The importance of momentum, unlike the importance of energy, was recognized early in the development of classical physics. Momentum was deemed so important that it was called the “quantity of motion.” Newton actually stated his second law of motion in terms of momentum: The net external force equals the change in momentum of a system divided by the time over which it changes.

Newton’s Second Law of Motion in Terms of Momentum

The net external force equals the change in momentum of a system divided by the time over which it changes.

\[F_{net} = \dfrac{\Delta p}{\Delta t}\]

where \(F_{net} \) is the net external force, \(\Delta p\) is the change in momentum, and \(\Delta t\) is the change in time.

#### Making Connections: Force and Momentum

Force and momentum are intimately related. Force acting over time can change momentum, and Newton’s second law of motion, can be stated in its most broadly applicable form in terms of momentum. Momentum continues to be a key concept in the study of atomic and subatomic particles in quantum mechanics.

This statement of Newton’s second law of motion includes the more familiar \(F_{net} = ma\) as a special case. We can derive this form as follows. First, note that the change in momentum \(\Delta p\) is given by

\[\Delta p = \Delta (mv)\]

If the mass of the system is constant, then

\[\Delta (mv) = m\Delta v.\]

So that for constant mass, Newton’s second law of motion becomes

\[F_{net} = \dfrac{\Delta p}{\Delta t} = \dfrac{m \Delta v}{\Delta t}.\]

Because \(\frac{\Delta v}{\Delta t} = a, \) we get the familiar equation

\[F_{net} = ma\]

when the mass of the system is *constant*.

Newton’s second law of motion stated in terms of momentum is more generally applicable because it can be applied to systems where the mass is changing, such as rockets, as well as to systems of constant mass. We will consider systems with varying mass in some detail**;** however, the relationship between momentum and force remains useful when mass is constant, such as in the following example.

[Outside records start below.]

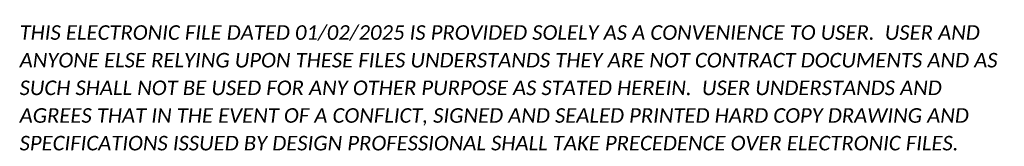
# Model space of a CAD drawing. Header units: feet. Extents: x 2211853 to 2217768, y 489955 to 493330.
# Tile 1 of 3: x 2211853 to 2215237, y 489955 to 490390. Entities that reach past the tile are written whole.
import ezdxf

# ---------------------------------------------------------------- set-up
doc = ezdxf.new("R2010")
doc.units = ezdxf.units.FT
doc.header["$LTSCALE"] = 20
doc.header["$MEASUREMENT"] = 0
doc.layers.add('SC_Scratch15', color=7, linetype='Continuous', lineweight=15, plot=False)
doc.styles.add('P_Slanted - Normal Fixed Spacing', font='calibrii.ttf', dxfattribs={"height": 0.14})

# ---------------------------------------------------------------- blocks, each defined once
blk = doc.blocks.new('E-Submittal Disclaimer-Model')
at = {"layer": 'SC_Scratch15', "color": 40, "true_color": 0xffbf00, "insert": (0, 0), "char_height": 50, "width": 3403.363, "attachment_point": 7, "line_spacing_factor": 1.14, "style": 'P_Slanted - Normal Fixed Spacing'}
blk.add_mtext('THIS ELECTRONIC FILE DATED 01/02/2025 IS PROVIDED SOLELY AS A CONVENIENCE TO USER.  USER AND ANYONE ELSE RELYING UPON THESE FILES UNDERSTANDS THEY ARE NOT CONTRACT DOCUMENTS AND AS SUCH SHALL NOT BE USED FOR ANY OTHER PURPOSE AS STATED HEREIN.  USER UNDERSTANDS AND AGREES THAT IN THE EVENT OF A CONFLICT, SIGNED AND SEALED PRINTED HARD COPY DRAWING AND SPECIFICATIONS ISSUED BY DESIGN PROFESSIONAL SHALL TAKE PRECEDENCE OVER ELECTRONIC FILES.', dxfattribs=at)

msp = doc.modelspace()

# ---------------------------------------------------------------- block references
at = {"layer": 'SC_Scratch15'}
msp.add_blockref('E-Submittal Disclaimer-Model', (2211852.6, 489940.6), dxfattribs=at)

doc.saveas('drawing.dxf')
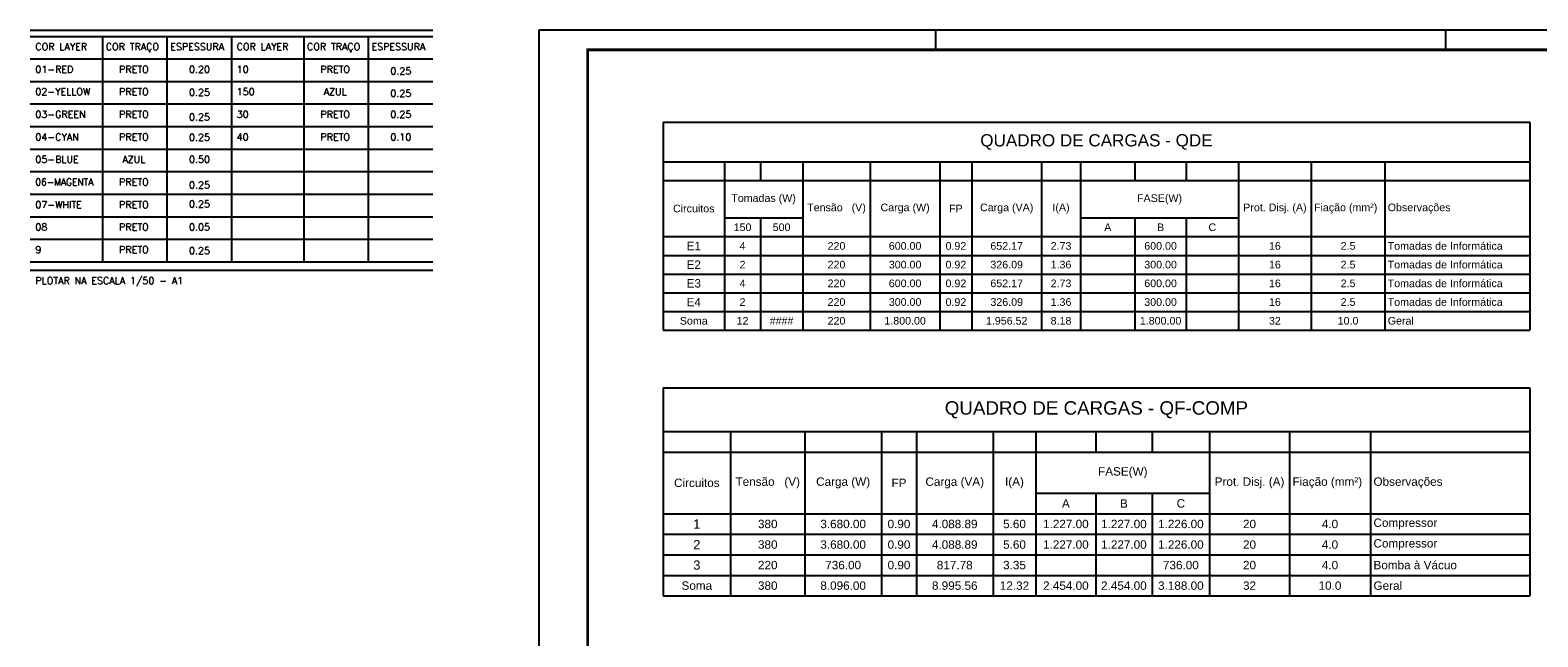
# Model space of a CAD drawing. Extents: x 40.7 to 91.7, y -319.8 to -290.4.
# Tile 9 of 13: x 40.7 to 66.8, y -300.9 to -290.4. Entities that reach past the tile are written whole.
import ezdxf
from ezdxf.enums import TextEntityAlignment as Align

# ---------------------------------------------------------------- set-up
doc = ezdxf.new("R2010")
doc.units = 0
doc.header["$MEASUREMENT"] = 0
doc.layers.get('0').update_dxf_attribs({"linetype": 'CONTINUOUS'})
for name, color, linetype in [('CIRCUITOS', 2, 'CONTINUOUS'), ('PRANCHA', 8, 'CONTINUOUS'), ('UNIFILAR', 7, 'CONTINUOUS')]:
    doc.layers.add(name, color=color, linetype=linetype)
doc.styles.add('ROMANS', font='romans')

# ---------------------------------------------------------------- blocks, each defined once
blk = doc.blocks.new('A1 1-50')
at = {"layer": 'CIRCUITOS', "color": 2}
for p, q in [((3786.092, 272.078), (3793.057, 272.078)), ((3786.092, 271.971), (3793.057, 271.971)), ((3787.343, 271.971), (3787.343, 268.074)), ((3788.459, 271.971), (3788.459, 268.074)), ((3789.575, 271.971), (3789.575, 268.074)), ((3790.825, 271.971), (3790.825, 268.074)), ((3791.941, 271.971), (3791.941, 268.074)), ((3786.092, 271.582), (3793.057, 271.582)), ((3786.092, 271.192), (3793.057, 271.192)), ((3786.092, 270.802), (3793.057, 270.802)), ((3786.092, 270.412), (3793.057, 270.412)), ((3786.092, 270.412), (3793.057, 270.412)), ((3786.092, 270.022), (3793.057, 270.022)), ((3786.092, 270.022), (3793.057, 270.022)), ((3786.092, 269.633), (3793.057, 269.633)), ((3786.092, 269.633), (3793.057, 269.633)), ((3786.092, 269.243), (3793.057, 269.243)), ((3786.092, 269.243), (3793.057, 269.243)), ((3786.092, 268.853), (3793.057, 268.853)), ((3786.092, 268.853), (3793.057, 268.853)), ((3786.092, 268.463), (3793.057, 268.463)), ((3786.092, 268.463), (3793.057, 268.463)), ((3786.092, 268.074), (3793.057, 268.074)), ((3786.092, 268.074), (3793.057, 268.074)), ((3786.092, 267.927), (3793.057, 267.927))]:
    blk.add_line(p, q, dxfattribs=at)
at = {"layer": 'PRANCHA'}
for p, q in [((3794.895, 272.078), (3794.895, 242.703)), ((3837.076, 272.078), (3794.895, 272.078)), ((3801.761, 271.74), (3801.761, 272.078)), ((3810.59, 271.74), (3810.59, 272.078)), ((3791.742, 270.885), (3791.742, 270.885))]:
    blk.add_line(p, q, dxfattribs=at)
at = {"layer": 'PRANCHA', "const_width": 0.0506}
blk.add_lwpolyline([(3795.739, 271.74), (3795.739, 243.04), (3836.739, 243.04), (3836.739, 271.74), (3795.739, 271.74)], dxfattribs=at)
at = {"layer": 'CIRCUITOS', "color": 2, "style": 'ROMANS'}
for s, height, p in [('COR LAYER', 0.1207, (3786.183, 271.732)), ('COR TRAÇO', 0.1207, (3787.401, 271.732)), ('ESPESSURA', 0.1207, (3788.516, 271.732)), ('COR LAYER', 0.1207, (3789.666, 271.732)), ('COR TRAÇO', 0.1207, (3790.883, 271.732)), ('ESPESSURA', 0.1207, (3791.999, 271.732)), ('01-RED', 0.1207, (3786.183, 271.342)), ('10', 0.1207, (3789.666, 271.342)), ('02-YELLOW', 0.1207, (3786.183, 270.952)), ('150', 0.1207, (3789.666, 270.952)), ('03-GREEN', 0.1207, (3786.183, 270.562)), ('30', 0.1207, (3789.666, 270.562)), ('04-CYAN', 0.1207, (3786.183, 270.172)), ('40', 0.1207, (3789.666, 270.172)), ('05-BLUE', 0.1207, (3786.183, 269.783)), ('07-WHITE', 0.1207, (3786.183, 269.003)), ('08', 0.1207, (3786.183, 268.613)), ('9', 0.121, (3786.183, 268.224)), ('PLOTAR NA ESCALA 1/50 - A1', 0.12073, (3786.183, 267.687))]:
    blk.add_text(s, height=height, dxfattribs=at).set_placement(p)
for s, p in [('PRETO', (3787.887, 271.342)), ('0.20', (3789.023, 271.342)), ('PRETO', (3791.37, 271.342)), ('0.25', (3792.506, 271.314)), ('PRETO', (3787.887, 270.952)), ('0.25', (3789.023, 270.944)), ('AZUL', (3791.37, 270.952)), ('0.25', (3792.506, 270.925)), ('PRETO', (3787.887, 270.562)), ('0.25', (3789.023, 270.519)), ('PRETO', (3791.37, 270.562)), ('0.25', (3792.506, 270.562)), ('PRETO', (3787.887, 270.172)), ('0.25', (3789.023, 270.164)), ('PRETO', (3791.37, 270.172)), ('0.10', (3792.506, 270.172)), ('AZUL', (3787.887, 269.783)), ('0.50', (3789.023, 269.783)), ('PRETO', (3787.887, 269.393)), ('0.25', (3789.023, 269.341)), ('PRETO', (3787.887, 269.003)), ('0.25', (3789.023, 269.014)), ('PRETO', (3787.887, 268.613)), ('0.05', (3789.023, 268.613)), ('PRETO', (3787.887, 268.224)), ('0.25', (3789.023, 268.205))]:
    blk.add_text(s, height=0.1207, dxfattribs=at).set_placement(p, align=Align.CENTER)
at = {"layer": 'CIRCUITOS', "color": 2, "style": 'ROMANS', "width": 0.95}
blk.add_text('06-MAGENTA', height=0.1207, dxfattribs=at).set_placement((3786.183, 269.393))

msp = doc.modelspace()

# ---------------------------------------------------------------- linework, layer by layer
at = {"layer": 'UNIFILAR'}
for p, q in [((51.659, -292.028), (52.723, -292.028)), ((51.659, -292.028), (51.659, -292.37)), ((52.723, -292.028), (53.346, -292.028)), ((53.346, -292.028), (54.076, -292.028)), ((54.076, -292.028), (55.245, -292.028)), ((55.245, -292.028), (56.45, -292.028)), ((56.45, -292.028), (57.003, -292.028)), ((57.003, -292.028), (58.208, -292.028)), ((58.208, -292.028), (58.884, -292.028)), ((58.884, -292.028), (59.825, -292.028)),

Example \(\PageIndex{2}\): Calculating Force: Venus Williams’ Racquet

During the 2007 French Open, Venus Williams hit the fastest recorded serve in a premier women’s match, reaching a speed of 58 m/s (209 km/h). What is the average force exerted on the 0.057-kg tennis ball by Venus Williams’ racquet, assuming that the ball’s speed just after impact is 58 m/s, that the initial horizontal component of the velocity before impact is negligible, and that the ball remained in contact with the racquet for 5.0 ms (milliseconds)?

**Strategy**

This problem involves only one dimension because the ball starts from having no horizontal velocity component before impact. Newton’s second law stated in terms of momentum is then written as

\[F_{net} = \dfrac{\Delta p}{\Delta t} \nonumber\]

As noted above, when mass is constant, the change in momentum is given by

\[\Delta p = m\Delta v = m(v_f - v_i). \nonumber\]

In this example, the velocity just after impact and the change in time are given; thus, once \(\Delta p\) s calculated, \(F_{net} = \frac{\Delta p}{\Delta t}\) can be used to find the force.

**Solution**

To determine the change in momentum, substitute the values for the initial and final velocities into the equation above.

\[\begin{align*} \Delta p &= m(v_f - v_i) \\[5pt] &= (0.057 \, kg)(58 \, m/s - 0 \, m/s)\\[5pt] &= 3.306 \, kg \cdot m/s = 3.3 \, kg \cdot m/s \end{align*} \]

Now the magnitude of the net external force can determined by using \(F_{net} = \frac{\Delta p}{\Delta t}\)

\[\begin{align*} F_{net} &= \dfrac{\Delta p}{\Delta t} = \dfrac{3.306 \, kg}{5.0 \times 10^{-3}}\\[5pt] &= 661 \, N,\end{align*} \]

where we have retained only two significant figures in the final step.

**Discussion**

This quantity was the average force exerted by Venus Williams’ racquet on the tennis ball during its brief impact (note that the ball also experienced the 0.56-N force of gravity, but that force was not due to the racquet). This problem could also be solved by first finding the acceleration and then using \(F = ma\) but one additional step would be required compared with the strategy used in this example.